## Assignment:
In the data below, find every line that has the string "DICHT", and copy it.

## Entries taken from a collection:

■ ■ ■ ■ ■ ■ ■

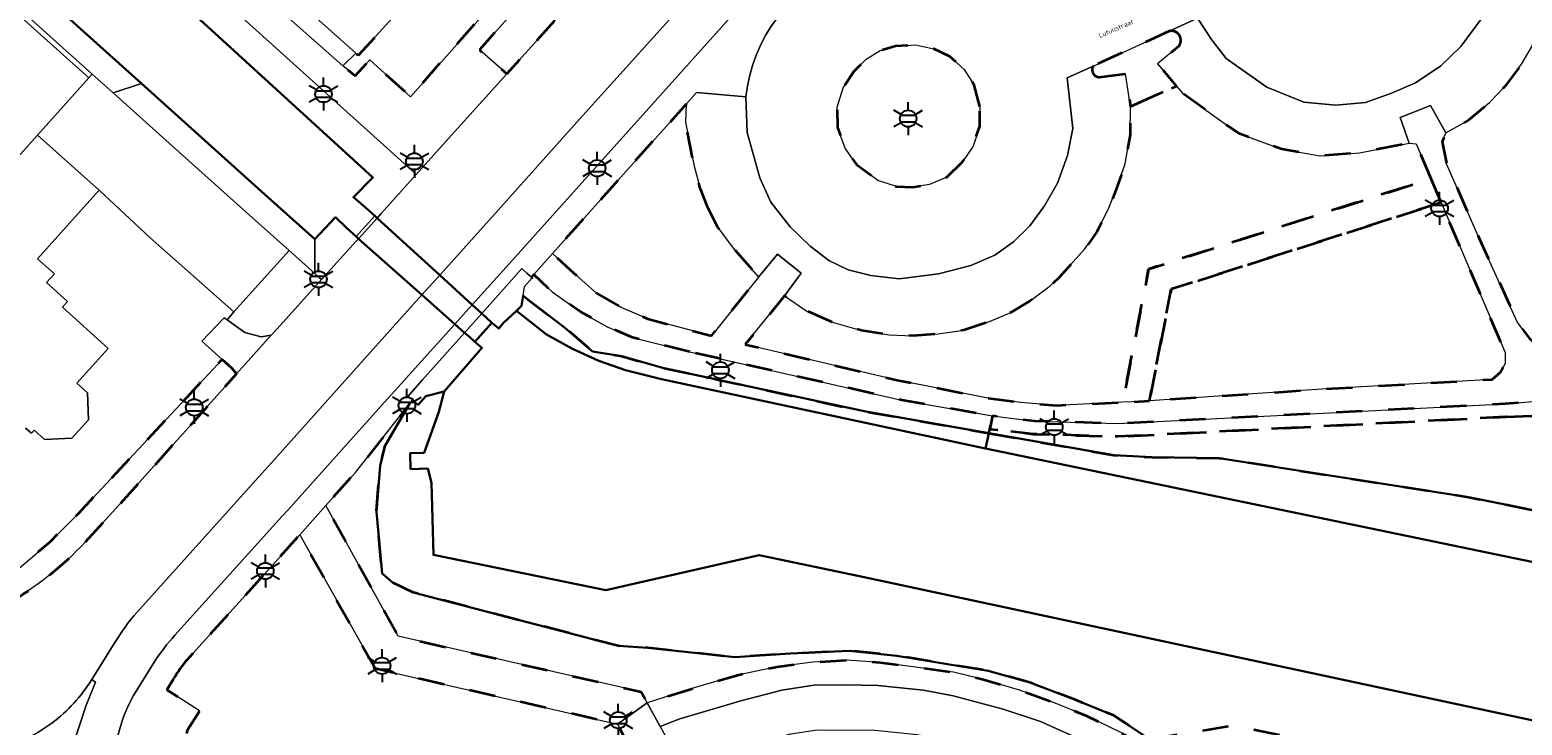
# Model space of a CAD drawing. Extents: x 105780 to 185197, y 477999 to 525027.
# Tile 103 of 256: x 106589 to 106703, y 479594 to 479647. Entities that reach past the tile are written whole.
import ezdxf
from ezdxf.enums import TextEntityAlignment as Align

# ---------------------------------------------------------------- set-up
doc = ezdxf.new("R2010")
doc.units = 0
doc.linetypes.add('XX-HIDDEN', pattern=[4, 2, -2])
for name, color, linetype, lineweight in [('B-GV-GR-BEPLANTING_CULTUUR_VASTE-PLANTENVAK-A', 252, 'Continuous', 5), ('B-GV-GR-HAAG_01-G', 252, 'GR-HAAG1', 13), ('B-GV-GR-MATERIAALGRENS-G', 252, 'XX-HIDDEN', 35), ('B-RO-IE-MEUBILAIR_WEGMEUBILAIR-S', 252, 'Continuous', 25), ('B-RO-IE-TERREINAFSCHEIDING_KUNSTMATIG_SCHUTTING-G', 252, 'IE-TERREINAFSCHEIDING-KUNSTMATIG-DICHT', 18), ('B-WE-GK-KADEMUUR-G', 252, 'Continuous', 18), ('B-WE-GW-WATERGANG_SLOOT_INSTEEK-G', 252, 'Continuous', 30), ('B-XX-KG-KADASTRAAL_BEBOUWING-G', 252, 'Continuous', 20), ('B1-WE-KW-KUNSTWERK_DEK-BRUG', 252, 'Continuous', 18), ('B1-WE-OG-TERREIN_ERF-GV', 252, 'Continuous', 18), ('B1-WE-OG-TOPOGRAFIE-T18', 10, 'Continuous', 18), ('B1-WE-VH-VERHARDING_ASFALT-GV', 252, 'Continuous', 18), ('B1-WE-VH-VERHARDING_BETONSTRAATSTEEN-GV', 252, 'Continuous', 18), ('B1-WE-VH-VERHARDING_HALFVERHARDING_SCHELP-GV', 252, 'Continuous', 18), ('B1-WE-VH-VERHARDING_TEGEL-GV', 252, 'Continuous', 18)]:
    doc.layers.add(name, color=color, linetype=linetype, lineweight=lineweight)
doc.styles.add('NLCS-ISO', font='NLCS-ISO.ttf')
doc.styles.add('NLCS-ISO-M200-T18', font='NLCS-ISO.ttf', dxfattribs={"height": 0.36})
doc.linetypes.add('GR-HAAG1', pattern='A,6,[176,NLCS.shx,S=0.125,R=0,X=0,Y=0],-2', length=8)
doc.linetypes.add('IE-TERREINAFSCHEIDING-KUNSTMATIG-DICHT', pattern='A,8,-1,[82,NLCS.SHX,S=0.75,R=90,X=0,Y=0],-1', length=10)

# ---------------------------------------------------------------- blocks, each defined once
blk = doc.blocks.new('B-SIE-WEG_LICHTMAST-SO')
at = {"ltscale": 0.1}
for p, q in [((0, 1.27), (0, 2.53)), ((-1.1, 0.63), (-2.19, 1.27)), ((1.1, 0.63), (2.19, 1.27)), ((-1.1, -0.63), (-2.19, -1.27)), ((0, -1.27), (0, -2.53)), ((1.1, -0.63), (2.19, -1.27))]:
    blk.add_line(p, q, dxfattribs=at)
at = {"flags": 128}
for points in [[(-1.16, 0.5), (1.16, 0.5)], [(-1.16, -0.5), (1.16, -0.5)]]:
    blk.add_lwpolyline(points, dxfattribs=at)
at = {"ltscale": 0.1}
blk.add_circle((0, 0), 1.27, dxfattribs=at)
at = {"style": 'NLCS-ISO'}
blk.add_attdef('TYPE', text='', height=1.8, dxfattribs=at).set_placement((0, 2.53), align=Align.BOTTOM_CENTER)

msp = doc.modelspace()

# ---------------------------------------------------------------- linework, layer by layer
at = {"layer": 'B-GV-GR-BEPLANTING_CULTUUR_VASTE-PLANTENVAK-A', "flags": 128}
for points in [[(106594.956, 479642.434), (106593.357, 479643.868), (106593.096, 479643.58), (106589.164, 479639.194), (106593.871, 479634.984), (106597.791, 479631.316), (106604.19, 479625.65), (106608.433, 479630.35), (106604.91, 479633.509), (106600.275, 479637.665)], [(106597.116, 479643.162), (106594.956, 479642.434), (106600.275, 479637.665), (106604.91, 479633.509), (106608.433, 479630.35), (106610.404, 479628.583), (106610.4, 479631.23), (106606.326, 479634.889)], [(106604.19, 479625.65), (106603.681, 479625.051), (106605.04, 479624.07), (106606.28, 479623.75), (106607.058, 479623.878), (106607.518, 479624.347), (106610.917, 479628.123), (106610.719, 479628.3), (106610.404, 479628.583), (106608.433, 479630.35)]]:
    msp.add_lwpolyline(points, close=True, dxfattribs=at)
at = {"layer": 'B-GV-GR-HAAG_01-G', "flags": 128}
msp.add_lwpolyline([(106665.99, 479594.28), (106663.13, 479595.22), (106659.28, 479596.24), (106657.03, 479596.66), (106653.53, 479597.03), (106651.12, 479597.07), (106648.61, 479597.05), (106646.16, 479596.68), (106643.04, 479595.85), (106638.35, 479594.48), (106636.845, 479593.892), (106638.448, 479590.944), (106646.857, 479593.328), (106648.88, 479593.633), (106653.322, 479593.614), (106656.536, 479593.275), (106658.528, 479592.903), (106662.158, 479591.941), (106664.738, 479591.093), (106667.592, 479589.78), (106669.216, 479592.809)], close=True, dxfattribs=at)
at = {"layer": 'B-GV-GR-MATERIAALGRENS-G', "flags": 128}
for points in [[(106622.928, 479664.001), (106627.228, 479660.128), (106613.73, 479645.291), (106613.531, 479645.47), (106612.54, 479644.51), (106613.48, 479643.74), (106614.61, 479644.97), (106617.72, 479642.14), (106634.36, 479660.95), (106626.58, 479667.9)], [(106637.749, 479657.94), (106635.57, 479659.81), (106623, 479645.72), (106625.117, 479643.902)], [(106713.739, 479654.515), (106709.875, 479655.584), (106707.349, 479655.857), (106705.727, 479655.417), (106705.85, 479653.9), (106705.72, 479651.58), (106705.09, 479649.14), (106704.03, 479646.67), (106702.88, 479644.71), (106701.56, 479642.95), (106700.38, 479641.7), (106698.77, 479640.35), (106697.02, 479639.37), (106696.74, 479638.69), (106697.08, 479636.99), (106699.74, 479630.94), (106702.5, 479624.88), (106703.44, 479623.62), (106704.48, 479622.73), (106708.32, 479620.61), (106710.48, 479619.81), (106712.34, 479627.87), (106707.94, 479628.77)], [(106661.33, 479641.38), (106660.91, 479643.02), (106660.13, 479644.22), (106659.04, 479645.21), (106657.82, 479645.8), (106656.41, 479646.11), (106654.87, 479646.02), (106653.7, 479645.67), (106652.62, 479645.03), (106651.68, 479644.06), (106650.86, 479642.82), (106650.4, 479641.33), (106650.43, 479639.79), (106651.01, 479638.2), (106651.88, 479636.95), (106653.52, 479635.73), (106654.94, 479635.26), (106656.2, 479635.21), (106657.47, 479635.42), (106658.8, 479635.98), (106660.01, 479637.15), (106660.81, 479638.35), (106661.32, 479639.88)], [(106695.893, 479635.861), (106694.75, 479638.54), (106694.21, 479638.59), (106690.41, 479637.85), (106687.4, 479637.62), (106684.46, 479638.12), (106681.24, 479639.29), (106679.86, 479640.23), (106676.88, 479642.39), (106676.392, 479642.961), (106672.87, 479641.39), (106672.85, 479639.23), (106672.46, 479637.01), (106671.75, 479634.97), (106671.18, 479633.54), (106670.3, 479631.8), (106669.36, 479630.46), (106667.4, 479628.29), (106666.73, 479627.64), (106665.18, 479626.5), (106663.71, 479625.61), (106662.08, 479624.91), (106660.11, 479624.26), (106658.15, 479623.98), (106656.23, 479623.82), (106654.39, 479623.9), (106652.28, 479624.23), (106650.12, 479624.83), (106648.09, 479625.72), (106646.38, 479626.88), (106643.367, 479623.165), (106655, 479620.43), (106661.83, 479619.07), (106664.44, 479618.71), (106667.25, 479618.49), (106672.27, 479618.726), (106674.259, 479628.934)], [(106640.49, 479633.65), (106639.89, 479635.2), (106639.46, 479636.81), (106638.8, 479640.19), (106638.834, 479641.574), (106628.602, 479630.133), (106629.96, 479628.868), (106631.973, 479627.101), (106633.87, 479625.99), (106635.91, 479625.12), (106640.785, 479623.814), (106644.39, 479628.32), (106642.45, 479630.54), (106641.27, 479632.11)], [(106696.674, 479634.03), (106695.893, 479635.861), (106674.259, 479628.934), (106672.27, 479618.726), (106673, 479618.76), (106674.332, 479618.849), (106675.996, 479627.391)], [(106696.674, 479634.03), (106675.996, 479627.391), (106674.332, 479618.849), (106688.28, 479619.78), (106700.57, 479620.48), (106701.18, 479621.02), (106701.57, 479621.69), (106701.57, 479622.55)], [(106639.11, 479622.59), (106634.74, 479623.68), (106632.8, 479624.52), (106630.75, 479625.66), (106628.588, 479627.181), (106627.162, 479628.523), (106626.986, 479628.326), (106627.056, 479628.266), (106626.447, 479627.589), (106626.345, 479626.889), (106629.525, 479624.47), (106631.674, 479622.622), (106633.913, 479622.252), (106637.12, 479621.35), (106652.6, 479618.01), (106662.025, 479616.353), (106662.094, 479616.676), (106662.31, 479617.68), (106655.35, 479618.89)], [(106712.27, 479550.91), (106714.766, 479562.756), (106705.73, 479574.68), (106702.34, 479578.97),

■ ■ ■ ■ ■ ■ ■

## Answer for this exercise:
for name, color, linetype, lineweight in [('B-GV-GR-BEPLANTING_CULTUUR_VASTE-PLANTENVAK-A', 252, 'Continuous', 5), ('B-GV-GR-HAAG_01-G', 252, 'GR-HAAG1', 13), ('B-GV-GR-MATERIAALGRENS-G', 252, 'XX-HIDDEN', 35), ('B-RO-IE-MEUBILAIR_WEGMEUBILAIR-S', 252, 'Continuous', 25), ('B-RO-IE-TERREINAFSCHEIDING_KUNSTMATIG_SCHUTTING-G', 252, 'IE-TERREINAFSCHEIDING-KUNSTMATIG-DICHT', 18), ('B-WE-GK-KADEMUUR-G', 252, 'Continuous', 18), ('B-WE-GW-WATERGANG_SLOOT_INSTEEK-G', 252, 'Continuous', 30), ('B-XX-KG-KADASTRAAL_BEBOUWING-G', 252, 'Continuous', 20), ('B1-WE-KW-KUNSTWERK_DEK-BRUG', 252, 'Continuous', 18), ('B1-WE-OG-TERREIN_ERF-GV', 252, 'Continuous', 18), ('B1-WE-OG-TOPOGRAFIE-T18', 10, 'Continuous', 18), ('B1-WE-VH-VERHARDING_ASFALT-GV', 252, 'Continuous', 18), ('B1-WE-VH-VERHARDING_BETONSTRAATSTEEN-GV', 252, 'Continuous', 18), ('B1-WE-VH-VERHARDING_HALFVERHARDING_SCHELP-GV', 252, 'Continuous', 18), ('B1-WE-VH-VERHARDING_TEGEL-GV', 252, 'Continuous', 18)]:
doc.linetypes.add('IE-TERREINAFSCHEIDING-KUNSTMATIG-DICHT', pattern='A,8,-1,[82,NLCS.SHX,S=0.75,R=90,X=0,Y=0],-1', length=10)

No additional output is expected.